*What this task involves:*
In the entries below, find the line with "Board outline 7700" and the line with "## Free pads (board coordinates) (continued)"; reproduce those two lines and all lines between them exactly, without pictures.

[Dataset excerpts]
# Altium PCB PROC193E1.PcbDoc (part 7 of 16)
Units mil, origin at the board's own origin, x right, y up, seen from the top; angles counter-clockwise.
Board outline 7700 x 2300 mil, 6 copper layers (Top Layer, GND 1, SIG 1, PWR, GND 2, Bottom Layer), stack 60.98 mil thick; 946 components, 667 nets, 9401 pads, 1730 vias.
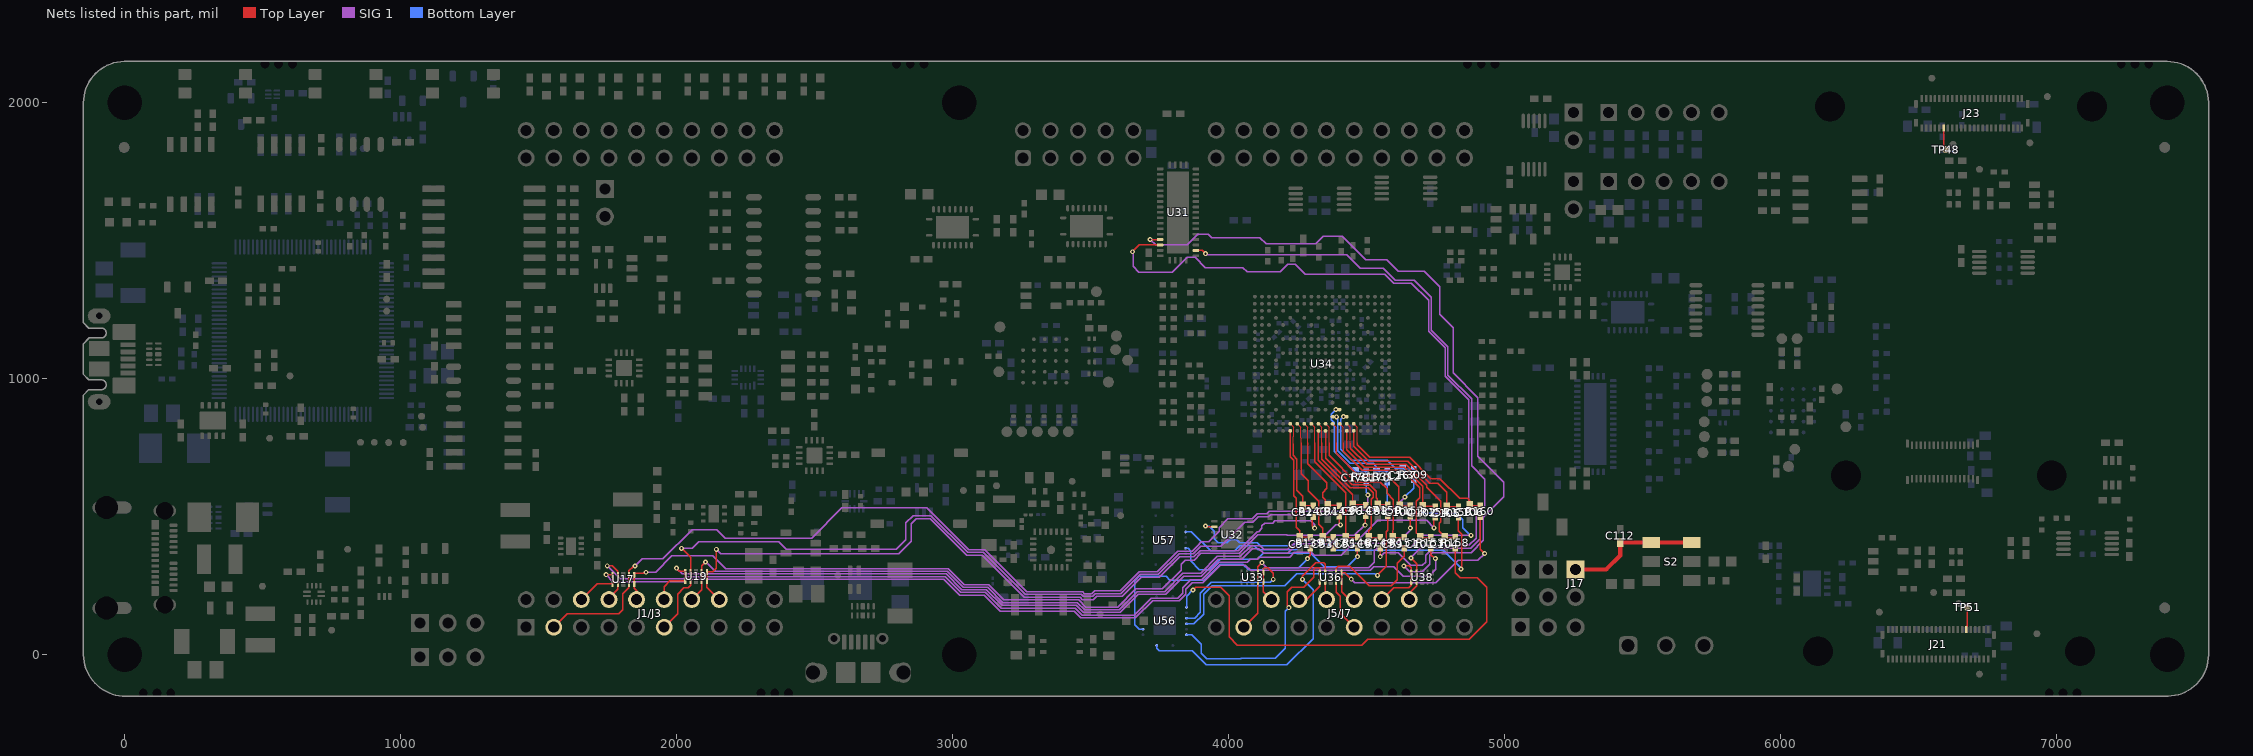
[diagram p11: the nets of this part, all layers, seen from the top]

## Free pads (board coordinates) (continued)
  round 4 on Mech16: 1(6059,2058) 1(6062.04,463.96) 1(6062.04,463.96) 1(6065.44,675.6) 1(6065.44,675.6) 1(6076,-115) 1(6076,-115) 1(6079.36,431.43) 1(6079.36,431.43) 1(6080.43,754.51) 1(6080.43,754.51) 1(6089.46,1050.69) 1(6089.46,1050.69) 1(6097.5,1257.86) 1(6097.5,1257.86) 1(6100.62,935.27) 1(6100.62,935.27) 1(6101.18,1357.83) 1(6101.18,1357.83) 1(6111,2109) 1(6111,2109) 1(6117.93,423.12) 1(6117.93,423.12) 1(6135.75,360.14) 1(6135.75,360.14) 1(6140,813) 1(6140,813) 1(6152.64,1260.32) 1(6152.64,1260.32) 1(6152.82,882.49) 1(6152.82,882.49) 1(6168.23,1013.42) 1(6168.23,1013.42) 1(6172.35,963.43) 1(6172.35,963.43) 1(6172.8,923.81) 1(6172.8,923.81) 1(6176,-115) 1(6176,-115) 1(6187,1583) 1(6187,1583) 1(6197.24,1674.12) 1(6197.24,1674.12) 1(6207.67,1013.42) 1(6207.67,1013.42) 1(6208.6,871.42) 1(6208.6,871.42) 1(6218,1593) 1(6218,1593) 1(6220.27,1553.27) 1(6220.27,1553.27) 1(6220.63,922.47) 1(6220.63,922.47) 1(6220.63,1211.87) 1(6220.63,1211.87) 1(6222.32,1172.87) 1(6222.32,1172.87) 1(6237.78,1675.15) 1(6237.78,1675.15) 1(6244.74,1374.44) 1(6244.74,1374.44) 1(6254.09,277.4) 1(6254.09,277.4) 1(6255,242) 1(6255,242) 1(6263.22,363.2) 1(6263.22,363.2) 1(6265.78,825.03) 1(6265.78,825.03) 1(6266.12,1223.61) 1(6266.12,1223.61) 1(6276,-115) 1(6276,-115) 1(6281,1538) 1(6281,1538) 1(6287.3,329.4) 1(6287.3,329.4) 1(6291.66,260.9) 1(6291.66,260.9) 1(6293.61,297.39) 1(6293.61,297.39) 1(6305,1762) 1(6305,1762) 1(6311,2109) 1(6311,2109) 1(6314,903) 1(6314,903) 1(6321.24,968.9) 1(6321.24,968.9) 1(6321.24,1051.32) 1(6321.24,1051.32) 1(6321.24,1151.35) 1(6321.24,1151.35) 1(6342.31,-83.37) 1(6342.31,-83.37) 1(6343,1641) 1(6343,1641) 1(6343.71,811.42) 1(6343.71,811.42) 1(6343.79,-42.49) 1(6343.79,-42.49) 1(6351.26,1608.66) 1(6351.26,1608.66) 1(6351.66,1578.24) 1(6351.66,1578.24) 1(6357.97,1758.31) 1(6357.97,1758.31) 1(6362,119.39) 1(6362,119.39) 1(6369.13,780.23) 1(6369.13,780.23) 1(6371.94,1649.6) 1(6371.94,1649.6) 1(6383.42,1161.63) 1(6383.42,1161.63) 1(6389,1048) 1(6389,1048) 1(6393.82,1330.03) 1(6393.82,1330.03) 1(6396,967) 1(6396,967) 1(6407.29,918.98) 1(6407.29,918.98) 1(6409.99,147.31) 1(6409.99,147.31) 1(6410.25,1007.84) 1(6410.25,1007.84) 1(6411.01,120.55) 1(6411.01,120.55) 1(6417.81,-87.19) 1(6417.81,-87.19) 1(6417.83,-45.04) 1(6417.83,-45.04) 1(6418.5,1875.1) 1(6418.5,1875.1) 1(6418.93,1091.76) 1(6418.93,1091.76) 1(6422.74,1913.01) 1(6422.74,1913.01) 1(6431.32,461.4) 1(6431.32,461.4) 1(6439.12,418.45) 1(6439.12,418.45) 1(6440.36,632.65) 1(6440.36,632.65) 1(6442.1,792.77) 1(6442.1,792.77) 1(6447.51,132.59) 1(6447.51,132.59) 1(6451.72,-47.64) 1(6451.72,-47.64) 1(6457.15,-87.19) 1(6457.15,-87.19) 1(6460.16,1871.6) 1(6460.16,1871.6) 1(6462.05,63) 1(6462.05,63) 1(6472.29,1331.83) 1(6472.29,1331.83) 1(6483.21,-47.64) 1(6483.21,-47.64) 1(6483.89,-87.19) 1(6483.89,-87.19) 1(6483.89,123.73) 1(6483.89,123.73) 1(6496.77,289.56) 1(6496.77,289.56) 1(6496.77,418.65) 1(6496.77,418.65) 1(6508.62,2104.04) 1(6508.62,2104.04) 1(6512.08,791.6) 1(6512.08,791.6) 1(6512.17,239.5) 1(6512.17,239.5) 1(6514.68,-87.19) 1(6514.68,-87.19) 1(6514.71,-47.64) 1(6514.71,-47.64) 1(6515.41,176.47) 1(6515.41,176.47) 1(6516,1502) 1(6516,1502) 1(6519,1768) 1(6519,1768) 1(6521.05,65) 1(6521.05,65) 1(6534.11,1852.25) 1(6534.11,1852.25) 1(6534.11,1879.65) 1(6534.11,1879.65) 1(6546.18,-87.19) 1(6546.18,-87.19) 1(6546.21,-47.64) 1(6546.21,-47.64) 1(6546.88,123.73) 1(6546.88,123.73) 1(6546.91,176.47) 1(6546.91,176.47) 1(6547.26,290.98) 1(6547.26,290.98) 1(6547.26,418.65) 1(6547.26,418.65) 1(6558.45,2049.91) 1(6558.45,2049.91) 1(6569.88,669.39) 1(6569.88,669.39) 1(6572.19,1789.93) 1(6572.19,1789.93) 1(6577.67,-87.19) 1(6577.67,-87.19) 1(6577.7,-47.64) 1(6577.7,-47.64) 1(6577.74,63.37) 1(6577.74,63.37) 1(6578.41,176.47) 1(6578.41,176.47) 1(6585.33,1951.64) 1(6585.33,1951.64) 1(6590.01,2090) 1(6590.01,2090) 1(6605.57,727.93) 1(6605.57,727.93) 1(6608,686) 1(6608,686) 1(6609.2,-47.64) 1(6609.2,-47.64) 1(6609.87,123.73) 1(6609.87,123.73) 1(6617.38,788.61) 1(6617.38,788.61) 1(6621.15,2090) 1(6621.15,2090) 1(6621.44,1879.92) 1(6621.44,1879.92) 1(6625.22,2049.35) 1(6625.22,2049.35) 1(6625.88,1950.65) 1(6625.88,1950.65) 1(6633.88,66.89) 1(6633.88,66.89) 1(6633.94,729.5) 1(6633.94,729.5) 1(6635.54,824.27) 1(6635.54,824.27) 1(6635.94,532.44) 1(6635.94,532.44) 1(6639.05,9) 1(6639.05,9) 1(6639.84,-80.81) 1(6639.84,-80.81) 1(6643.94,677.87) 1(6643.94,677.87) 1(6644.87,128.8) 1(6644.87,128.8) 1(6650,1827) 1(6650,1827) 1(6650.64,598.7) 1(6650.64,598.7) 1(6651.32,871.42) 1(6651.32,871.42) 1(6651.86,1503.22) 1(6651.86,1503.22) 1(6652.94,1879.92) 1(6652.94,1879.92) 1(6652.94,2050.04) 1(6652.94,2050.04) 1(6653,2090) 1(6653,2090) 1(6655.1,1387.02) 1(6655.1,1387.02) 1(6664.63,1131.82) 1(6664.63,1131.82) 1(6672.19,-47.64) 1(6672.19,-47.64) 1(6681.59,416.99) 1(6681.59,416.99) 1(6684.43,1879.92) 1(6684.43,1879.92) 1(6684.43,2050.04) 1(6684.43,2050.04) 1(6685.41,-86.1) 1(6685.41,-86.1) 1(6689,1834) 1(6689,1834) 1(6691.19,597.33) 1(6691.19,597.33) 1(6699.81,2090) 1(6699.81,2090) 1(6700.06,817.65) 1(6700.06,817.65) 1(6703.69,-47.64) 1(6703.69,-47.64) 1(6707.93,1713.56) 1(6707.93,1713.56) 1(6708.05,1592.26) 1(6708.05,1592.26) 1(6709.9,540.63) 1(6709.9,540.63) 1(6713.26,691.55) 1(6713.26,691.55) 1(6715.93,1801.72) 1(6715.93,1801.72) 1(6715.93,2049.35) 1(6715.93,2049.35) 1(6720,1337) 1(6720,1337) 1(6720.46,1108.48) 1(6720.46,1108.48) 1(6732.91,2090) 1(6732.91,2090) 1(6735.18,-47.64) 1(6735.18,-47.64) 1(6736.23,206.96) 1(6736.23,206.96) 1(6741,1946) 1(6741,1946) 1(6742.9,1823.8) 1(6742.9,1823.8) 1(6747.43,1879.92) 1(6747.43,1879.92) 1(6758.52,1713.44) 1(6758.52,1713.44) 1(6758.89,1588.61) 1(6758.89,1588.61) 1(6761.47,1847.69) 1(6761.47,1847.69) 1(6761.95,1369.47) 1(6761.95,1369.47) 1(6761.95,1402.77) 1(6761.95,1402.77) 1(6761.95,1441.9) 1(6761.95,1441.9) 1(6762.9,-78.84) 1(6762.9,-78.84) 1(6766.07,1476.9) 1(6766.07,1476.9) 1(6766.31,138.94) 1(6766.31,138.94) 1(6769.25,2050.35) 1(6769.25,2050.35) 1(6771,1772.8) 1(6771,1772.8) 1(6782.48,1949.68) 1(6782.48,1949.68) 1(6791.42,411.53) 1(6791.42,411.53) 1(6809.27,2089.76) 1(6809.27,2089.76) 1(6810.42,1879.92) 1(6810.42,1879.92) 1(6811.11,2050.04) 1(6811.11,2050.04) 1(6818,1843) 1(6818,1843) 1(6832.64,436.83) 1(6832.64,436.83) 1(6838,-113) 1(6838,-113) 1(6839.9,1992.32) 1(6839.9,1992.32) 1(6840.77,2089.76) 1(6840.77,2089.76) 1(6843.41,-47.3) 1(6843.41,-47.3) 1(6843.41,-12.15) 1(6843.41,-12.15) 1(6849.07,1875.92) 1(6849.07,1875.92) 1(6858.43,1349.46) 1(6858.43,1349.46) 1(6858.47,1497.59) 1(6858.47,1497.59) 1(6861.42,1849.7) 1(6861.42,1849.7) 1(6863.87,411.52) 1(6863.87,411.52) 1(6867.77,32.51) 1(6867.77,32.51) 1(6872.26,2089.76) 1(6872.26,2089.76) 1(6873.87,2050.5) 1(6873.87,2050.5) 1(6890.54,497.35) 1(6890.54,497.35) 1(6893,1962) 1(6893,1962) 1(6920.45,451.78) 1(6920.45,451.78) 1(6935.36,1422.22) 1(6935.36,1422.22) 1(6938,-113) 1(6938,-113) 1(6946,880) 1(6946,880) 1(6952,1154) 1(6952,1154) 1(6956.66,1703.75) 1(6956.66,1703.75) 1(6959.69,1387.53) 1(6959.69,1387.53) 1(6968.01,1907.59) 1(6968.01,1907.59) 1(6968.01,1949.02) 1(6968.01,1949.02) 1(6968.01,1987.22) 1(6968.01,1987.22) 1(6972.59,444.64) 1(6972.59,444.64) 1(6979.72,2110.52) 1(6979.72,2110.52) 1(6979.88,402.4) 1(6979.88,402.4) 1(6983.36,1422.45) 1(6983.36,1422.45) 1(7007.95,1669.53) 1(7007.95,1669.53) 1(7009.05,1630.16) 1(7009.05,1630.16) 1(7019.86,1504.79) 1(7019.86,1504.79) 1(7020.13,1553) 1(7020.13,1553) 1(7060.19,486.26) 1(7060.19,486.26) 1(7091.5,472.45) 1(7091.5,472.45) 1(7091.56,332.08) 1(7091.56,332.08) 1(7124.57,560.92) 1(7124.57,560.92) 1(7137.93,768.73) 1(7137.93,768.73) 1(7155.31,396.62) 1(7155.31,396.62) 1(7155.63,441.85) 1(7155.63,441.85) 1(7155.69,364.01) 1(7155.69,364.01) 1(7214.27,524.94) 1(7214.27,524.94) 1(7218,-110) 1(7218,-110) 1(7223.87,807.38) 1(7223.87,807.38) 1(7225.52,738.31) 1(7225.52,738.31) 1(7264.66,615.29) 1(7264.66,615.29) 1(7265.02,516.76) 1(7265.02,516.76) 1(7275.03,706.65) 1(7275.03,706.65) 1(7295.19,356.43) 1(7295.19,356.43) 1(7295.19,403.19) 1(7295.19,403.19) 1(7295.79,452.47) 1(7295.79,452.47) 1(7457,1861) 1(7457,1861) 1(7459,168) 1(7459,168) 1(7459,268) 1(7459,268) 1(7459,368) 1(7459,368) 1(7459,468) 1(7459,468) 1(7459,568) 1(7459,568) 1(7459,668) 1(7459,668) 1(7459,768) 1(7459,768) 1(7459,868) 1(7459,868) 1(7459,968) 1(7459,968) 1(7459,1068) 1(7459,1068) 1(7459,1168) 1(7459,1168) 1(7459,1268) 1(7459,1268) 1(7459,1368) 1(7459,1368) 1(7459,1468) 1(7459,1468) 1(7459,1568) 1(7459,1568) 1(7459,1668) 1(7459,1668) 1(7459,1768) 1(7459,1768) 1(7515,121) 1(7515,121) 1(7515,221) 1(7515,221) 1(7515,321) 1(7515,321) 1(7515,421) 1(7515,421) 1(7515,521) 1(7515,521) 1(7515,621) 1(7515,621) 1(7515,721) 1(7515,721) 1(7515,821) 1(7515,821) 1(7515,921) 1(7515,921) 1(7515,1021) 1(7515,1021) 1(7515,1121) 1(7515,1121) 1(7515,1221) 1(7515,1221) 1(7515,1321) 1(7515,1321) 1(7515,1421) 1(7515,1421) 1(7515,1521) 1(7515,1521) 1(7515,1621) 1(7515,1621) 1(7515,1721) 1(7515,1721) 1(7515,1821) 1(7515,1821)
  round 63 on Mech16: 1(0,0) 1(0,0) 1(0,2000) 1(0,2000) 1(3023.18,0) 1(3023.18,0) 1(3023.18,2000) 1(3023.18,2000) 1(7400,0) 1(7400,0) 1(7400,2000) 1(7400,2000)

*Your solution:*
Board outline 7700 x 2300 mil, 6 copper layers (Top Layer, GND 1, SIG 1, PWR, GND 2, Bottom Layer), stack 60.98 mil thick; 946 components, 667 nets, 9401 pads, 1730 vias.
[diagram p11: the nets of this part, all layers, seen from the top]

## Free pads (board coordinates) (continued)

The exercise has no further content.